'Kung Fu Panda 2': Hyperflexed 3-D takes kick out of sequel
"Kung Fu Panda 2" is a disappointing sequel that eliminates much of what worked the first time around — relationships, originality — and puts too much garish emphasis on disposable, 3-D effects.
Special to The Seattle Times
'Kung Fu Panda 2,' with the voices of Jack Black, Dustin Hoffman, Angelina Jolie, Gary Oldman, Seth Rogen, David Cross, Lucy Liu, Jackie Chan, James Hong. Directed by Jennifer Yuh, from a screenplay by Jonathan Aibel and Glenn Berger. 90 minutes. Rated PG for mild violence. Several theaters.
"Delightful," "refreshing," "emotionally complex," "funny."
That was how I described "Kung Fu Panda" in a review of the computer-animated family film upon its release in 2008.

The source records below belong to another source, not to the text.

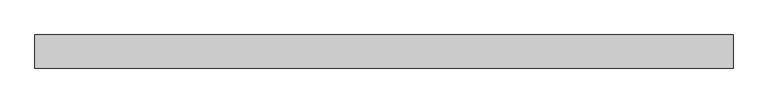
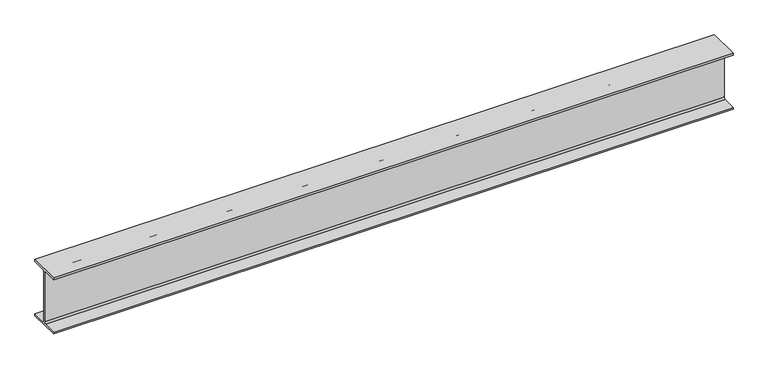
"""IFC4 building model written with IfcOpenShell, lengths in millimetres: beam geometry, Old_Steel Beam_H-KSD3502 : H_SB_ASB_H-200×200x8x12."""

import ifcopenshell
import ifcopenshell.guid

model = None  # the IFC model being written
_history = None  # IfcOwnerHistory: only IFC2X3 demands one
_inside = {}  # id of a spatial element -> (the spatial element, [elements in it])
_under = {}  # id of a project, library or spatial element -> (it, [spatial elements below it])
_declared = {}  # id of a project -> (the project, [libraries it declares])
_typed = {}  # id of a type object -> (the type object, [elements of that type])
_made_of = {}  # id of a material, layer set ... -> (it, [elements and type objects made of it])


def new_model(schema):
    """Start an empty IFC model of exactly this schema.

    Asked for "IFC4X3", IfcOpenShell would pick the latest addendum, in which some entities
    have other attributes; the version numbers below select the first issue.
    IFC2X3 requires an IfcOwnerHistory on every rooted entity: one is made here for all.
    """
    global model, _history
    if schema == "IFC4X3":
        model = ifcopenshell.file(schema_version=(4, 3, 0, 0))
    else:
        model = ifcopenshell.file(schema=schema)
    _inside.clear()
    _under.clear()
    _declared.clear()
    _typed.clear()
    _made_of.clear()
    _history = None
    if model.schema == "IFC2X3":
        org = make("IfcOrganization", Name="unknown")
        user = make(
            "IfcPersonAndOrganization",
            ThePerson=make("IfcPerson", FamilyName="unknown"),
            TheOrganization=org,
        )
        app = make(
            "IfcApplication",
            ApplicationDeveloper=org,
            Version="unknown",
            ApplicationFullName="unknown",
            ApplicationIdentifier="unknown",
        )
        _history = make(
            "IfcOwnerHistory",
            OwningUser=user,
            OwningApplication=app,
            ChangeAction="ADDED",
            CreationDate=0,
        )
    return model


def make(cls, **values):
    """One entity of the class cls with the attributes given. An attribute that is None is left unset."""
    return model.create_entity(
        cls, **{name: value for name, value in values.items() if value is not None}
    )


def rooted(cls, **values):
    """An entity with a GlobalId (a new one), such as an element, a storey or a relation."""
    return make(cls, GlobalId=ifcopenshell.guid.new(), OwnerHistory=_history, **values)


def si_unit(unit_type, name, prefix=None):
    """IfcSIUnit, for example si_unit("LENGTHUNIT", "METRE", prefix="MILLI")."""
    return make("IfcSIUnit", UnitType=unit_type, Prefix=prefix, Name=name)


def assignment(units):
    """IfcUnitAssignment: the units of a project."""
    return None if units is None else make("IfcUnitAssignment", Units=units)


def point(xyz):
    """IfcCartesianPoint."""
    return None if xyz is None else make("IfcCartesianPoint", Coordinates=xyz)


def direction(xyz):
    """IfcDirection."""
    return None if xyz is None else make("IfcDirection", DirectionRatios=xyz)


def frame(location, z_axis=None, x_axis=None):
    """IfcAxis2Placement3D, a coordinate frame: its origin and axes. An axis left out is left unset."""
    return make(
        "IfcAxis2Placement3D",
        Location=point(location),
        Axis=direction(z_axis),
        RefDirection=direction(x_axis),
    )


def frame_2d(location, x_axis=None):
    """IfcAxis2Placement2D, a coordinate frame in the plane: its origin and x axis."""
    return make(
        "IfcAxis2Placement2D", Location=point(location), RefDirection=direction(x_axis)
    )


def origin():
    """The frame at (0, 0, 0) with its axes left unset."""
    return frame((0.0, 0.0, 0.0))


def place(relative_to, where):
    """IfcLocalPlacement: puts the frame where relative to a parent placement (None: the world)."""
    return make(
        "IfcLocalPlacement", PlacementRelTo=relative_to, RelativePlacement=where
    )


def context(
    kind, dimensions, precision=None, world=None, true_north=None, identifier=None
):
    """IfcGeometricRepresentationContext, for example the 3D "Model" context."""
    return make(
        "IfcGeometricRepresentationContext",
        ContextIdentifier=identifier,
        ContextType=kind,
        CoordinateSpaceDimension=dimensions,
        Precision=precision,
        WorldCoordinateSystem=world,
        TrueNorth=true_north,
    )


def project(units=None, contexts=None):
    """IfcProject with its units and contexts."""
    return rooted(
        "IfcProject",
        Name="project",
        RepresentationContexts=contexts,
        UnitsInContext=assignment(units),
    )


def spatial(cls, under=None, at=None, **own):
    """A site, building, storey or space (cls), placed at a placement, below another one or the project."""
    s = rooted(cls, ObjectPlacement=at, **own)
    if under is not None:
        _under.setdefault(under.id(), (under, []))[1].append(s)
    return s


def polyline(points):
    """IfcPolyline through the points."""
    return make("IfcPolyline", Points=[point(p) for p in points])


def circle_curve(where, radius):
    """IfcCircle in the frame where."""
    return make("IfcCircle", Position=where, Radius=radius)


def trimmed(basis, trim1, trim2, sense, master):
    """IfcTrimmedCurve: the piece of a basis curve between two trims."""
    return make(
        "IfcTrimmedCurve",
        BasisCurve=basis,
        Trim1=trim1,
        Trim2=trim2,
        SenseAgreement=sense,
        MasterRepresentation=master,
    )


def segment(curve, same_sense, transition):
    """IfcCompositeCurveSegment."""
    return make(
        "IfcCompositeCurveSegment",
        Transition=transition,
        SameSense=same_sense,
        ParentCurve=curve,
    )


def composite_curve(segments, self_intersect=None):
    """IfcCompositeCurve: segments joined end to end."""
    return make("IfcCompositeCurve", Segments=segments, SelfIntersect=self_intersect)


def outline(outer, holes=None, kind="AREA"):
    """IfcArbitraryClosedProfileDef: a profile drawn as a closed curve; with holes, ...WithVoids."""
    if holes is None:
        return make("IfcArbitraryClosedProfileDef", ProfileType=kind, OuterCurve=outer)
    return make(
        "IfcArbitraryProfileDefWithVoids",
        ProfileType=kind,
        OuterCurve=outer,
        InnerCurves=holes,
    )


def extrude(swept, where, along, depth):
    """IfcExtrudedAreaSolid: the profile swept, set in the frame where, extruded along a direction by depth."""
    return make(
        "IfcExtrudedAreaSolid",
        SweptArea=swept,
        Position=where,
        ExtrudedDirection=direction(along),
        Depth=depth,
    )


def shape(context_of_items, identifier, shape_type, items):
    """IfcShapeRepresentation: the items that make up one representation, for example the "Body"."""
    return make(
        "IfcShapeRepresentation",
        ContextOfItems=context_of_items,
        RepresentationIdentifier=identifier,
        RepresentationType=shape_type,
        Items=items,
    )


def source(mapping_origin, context_of_items, identifier, shape_type, items):
    """IfcRepresentationMap: a shape defined once, which mapped items show again and again."""
    return make(
        "IfcRepresentationMap",
        MappingOrigin=mapping_origin,
        MappedRepresentation=shape(context_of_items, identifier, shape_type, items),
    )


def transform(
    local_origin,
    x_axis=None,
    y_axis=None,
    z_axis=None,
    scale=None,
    scale2=None,
    scale3=None,
    uniform=True,
):
    """IfcCartesianTransformationOperator3D, or its non-uniform kind. x_axis, y_axis, z_axis: its Axis1, 2, 3."""
    if uniform:
        return make(
            "IfcCartesianTransformationOperator3D",
            Axis1=direction(x_axis),
            Axis2=direction(y_axis),
            LocalOrigin=point(local_origin),
            Scale=scale,
            Axis3=direction(z_axis),
        )
    return make(
        "IfcCartesianTransformationOperator3DnonUniform",
        Axis1=direction(x_axis),
        Axis2=direction(y_axis),
        LocalOrigin=point(local_origin),
        Scale=scale,
        Axis3=direction(z_axis),
        Scale2=scale2,
        Scale3=scale3,
    )


def mapped(mapping_source, mapping_target):
    """IfcMappedItem: shows the shape of a source again, moved by a transform."""
    return make(
        "IfcMappedItem", MappingSource=mapping_source, MappingTarget=mapping_target
    )


def made_of(thing, what):
    """Note that an element or type object is made of a material, layer set ...; save() writes the relation."""
    if what is not None:
        _made_of.setdefault(what.id(), (what, []))[1].append(thing)
    return thing


def element(
    cls,
    number,
    at=None,
    inside=None,
    cuts=None,
    type_object=None,
    material=None,
    context=None,
    identifier="Body",
    shape_type=None,
    held_by="IfcProductDefinitionShape",
    body=None,
    shapes=None,
    **own,
):
    """One element of the class cls, such as IfcWall. Its Tag is "e" and its number.

    at: its placement. inside: the storey or other place that contains it. cuts: it is an
    opening in that element (IfcRelVoidsElement). A single representation is given by context,
    identifier, shape_type and body (its items); several are given by shapes. held_by: the class
    of the entity that holds the representations. save() writes the other relations.
    """
    e = rooted(cls, Tag="e%d" % number, ObjectPlacement=at, **own)
    if body is not None:
        shapes = [shape(context, identifier, shape_type, body)]
    if shapes is not None:
        e.Representation = make(held_by, Representations=shapes)
    if inside is not None:
        _inside.setdefault(inside.id(), (inside, []))[1].append(e)
    if cuts is not None:
        rooted(
            "IfcRelVoidsElement", RelatingBuildingElement=cuts, RelatedOpeningElement=e
        )
    if type_object is not None:
        _typed.setdefault(type_object.id(), (type_object, []))[1].append(e)
    return made_of(e, material)


def aggregate(whole, parts):
    """IfcRelAggregates: a whole, such as a stair, and the parts it consists of."""
    return rooted("IfcRelAggregates", RelatingObject=whole, RelatedObjects=parts)


def save(model, path):
    """Write the relations noted so far, then the file.

    IfcRelAggregates (storeys below a building ...), IfcRelContainedInSpatialStructure (elements
    in a storey), IfcRelDefinesByType, IfcRelAssociatesMaterial and IfcRelDeclares: one each for
    every whole, place, type object, material and project.
    """
    for whole, parts in _under.values():
        aggregate(whole, parts)
    for where, things in _inside.values():
        rooted(
            "IfcRelContainedInSpatialStructure",
            RelatedElements=things,
            RelatingStructure=where,
        )
    for kind, things in _typed.values():
        rooted("IfcRelDefinesByType", RelatedObjects=things, RelatingType=kind)
    for what, things in _made_of.values():
        rooted("IfcRelAssociatesMaterial", RelatedObjects=things, RelatingMaterial=what)
    for by, libraries in _declared.values():
        rooted("IfcRelDeclares", RelatingContext=by, RelatedDefinitions=libraries)
    model.write(path)


def beam_ba096bdf(model_context):
    return source(origin(), model_context, "Body", "SweptSolid", [
        extrude(outline(composite_curve([segment(polyline([(-82.5, -141.5), (-11.9, -141.5)]), True, "CONTINUOUS"), segment(trimmed(circle_curve(frame_2d((-11.9, -132.6)), 8.9), [point((-11.9, -141.5))], [point((-3.0, -132.6))], True, "CARTESIAN"), True, "CONTINUOUS"), segment(polyline([(-3.0, -132.6), (-3.0, 132.6)]), True, "CONTINUOUS"), segment(trimmed(circle_curve(frame_2d((-11.9, 132.6)), 8.9), [point((-3.0, 132.6))], [point((-11.9, 141.5))], True, "CARTESIAN"), True, "CONTINUOUS"), segment(polyline([(-11.9, 141.5), (-82.5, 141.5), (-82.5, 151.7), (82.5, 151.7), (82.5, 141.5), (11.9, 141.5)]), True, "CONTINUOUS"), segment(trimmed(circle_curve(frame_2d((11.9, 132.6)), 8.9), [point((11.9, 141.5))], [point((3.0, 132.6))], True, "CARTESIAN"), True, "CONTINUOUS"), segment(polyline([(3.0, 132.6), (3.0, -132.6)]), True, "CONTINUOUS"), segment(trimmed(circle_curve(frame_2d((11.9, -132.6)), 8.9), [point((3.0, -132.6))], [point((11.9, -141.5))], True, "CARTESIAN"), True, "CONTINUOUS"), segment(polyline([(11.9, -141.5), (82.5, -141.5), (82.5, -151.7), (-82.5, -151.7), (-82.5, -141.5)]), True, "CONTINUOUS")], self_intersect=False)), frame((-1756.1912669, 0.0, 0.0), z_axis=(1.0, 0.0, 0.0), x_axis=(0.0, 1.0, 0.0)), (0.0, 0.0, 1.0), 3479.0025034),
    ])


if __name__ == "__main__":
    model = new_model("IFC4")
    model_context = context("Model", 3, world=origin())
    ifc_project = project(units=[si_unit("LENGTHUNIT", "METRE", prefix="MILLI")], contexts=[model_context])
    site = spatial("IfcSite", under=ifc_project)
    building = spatial("IfcBuilding", under=site)
    placement = place(None, origin())
    beam_shape = beam_ba096bdf(model_context)
    element("IfcBeam", 1, ObjectType="Old_Steel Beam_H-KSD3502 : H_SB_ASB_H-200×200x8x12", at=placement, inside=building, context=model_context, shape_type="MappedRepresentation", body=[
        mapped(beam_shape, transform((0.0, 0.0, 0.0), x_axis=(1.0, 0.0, 0.0), y_axis=(0.0, 1.0, 0.0), z_axis=(0.0, 0.0, 1.0))),
    ])
    save(model, "model.ifc")

# Revit data of these elements
# Type "Old_Steel Beam_H-KSD3502 : H_SB_ASB_H-200×200x8x12"
#   Width = 20.0 cm
#   Web Thickness = 0.8 cm
#   Web Fillet = 1.3 cm
#   Warping Constant = 141376.0 cm⁶
#   Torsional Moment of Inertia = 26.2485 cm⁴
#   Torsional Modulus = 1.0 cm³
#   Section Area = 63.53 cm²
#   Plastic Modulus weak axis = 244.0 cm³
#   Plastic Modulus strong axis = 525.0 cm³
#   Perimeter = 1.16 m²/m
#   Nominal Weight = 49.90 kgf/m
#   Moment of Inertia weak axis = 1600.00 cm⁴
#   Moment of Inertia strong axis = 4720.00 cm⁴
#   Height = 20.0 cm
#   Flange Thickness = 1.2 cm
#   Elastic Modulus weak axis = 160.0 cm³
#   Elastic Modulus strong axis = 472.0 cm³
#   Centroid Vertical = 10.0 cm
#   Centroid Horizontal = 10.0 cm
#   Length [instance default] = 1.5240 m
#   Structural Material [instance default] = Steel, 45-345
#   Assembly Code = ""
# Element 1 (IfcBeam, "Old_Steel Beam_H-KSD3502 : H_SB_ASB_H-200×200x8x12")
#   Structural Material = none
# Materials
#   "Steel, 45-345": class "Metal", colour RGB 189 187 185, transparency 0, Description = "Steel 345 MPa", Cost = 0

With its exceptionally appealing characters, unusually nuanced conflicts, colorful relationships and the striking backdrop of ancient China, "Kung Fu Panda" was a winner on originality alone. Add to that seamlessly funny and clever vocal performances by Jack Black and Dustin Hoffman (with crisp support from Angelina Jolie, Jackie Chan, Lucy Liu, David Cross, Seth Rogen and James Hong), and this strong movie deserved its Oscar nomination for best animated feature.
Thus (sigh) it's disheartening to find little to praise in the frantic, perfunctory sequel, "Kung Fu Panda 2." Worse, this thin follow-up feels like a betrayal of its predecessor's accomplishments and goodwill, cheapening what worked in the first place to emphasize some wrong things this time around — particularly the film's 3-D presentation.
Returning as the voice of the titular, portly, motormouth kung fu master, Po, Jack Black is perhaps even better than the first time around. But he's not really the star of "Panda 2"; the 3-D is.
The film is a daisy-chain of chases exploiting visual possibilities of the much-overused format, though the chase structure is so unrelenting there is nothing memorable about the 3-D effect. The movie is all but indistinguishable from a video game, save interactive features.
It doesn't help that the sequel's story isn't a story at all, but the kind of single-minded narrative thread best suited to pushing a player along through a video game's multiple levels.
That thread finds Po on a quest to discover what happened to his parents at the hands (well, wings) of a wicked crane named Lord Shen (Gary Oldman). As with the villain in the earlier film (a fierce tiger voiced by Ian McShane), Lord Shen has a back story that engenders sympathy and resonates somewhat with Po's situation.
But the film's writers and first-time director, Jennifer Yuh, draw nothing of interest from that parallel. Far worse is the extent to which most of the hugely likable vocal cast is sidelined this time around.
I'm sure I counted no more than a half-dozen lines from Hoffman, and about the same for Chan, Rogen, Liu and Cross. Their characters may be on screen a lot, but their importance is sadly diminished. Only Jolie and Hong have a substantial presence.
Also sacrificed to the sequel's visual priorities are, well, visuals. It was easy to get caught up in the exotica of "Kung Fu Panda," the pleasing, almost contemplative look of landscape and architecture, the juxtaposition of village and nature. There's a lot of thought put into the cluttered, shadowy look of the new work, but little to recommend the result.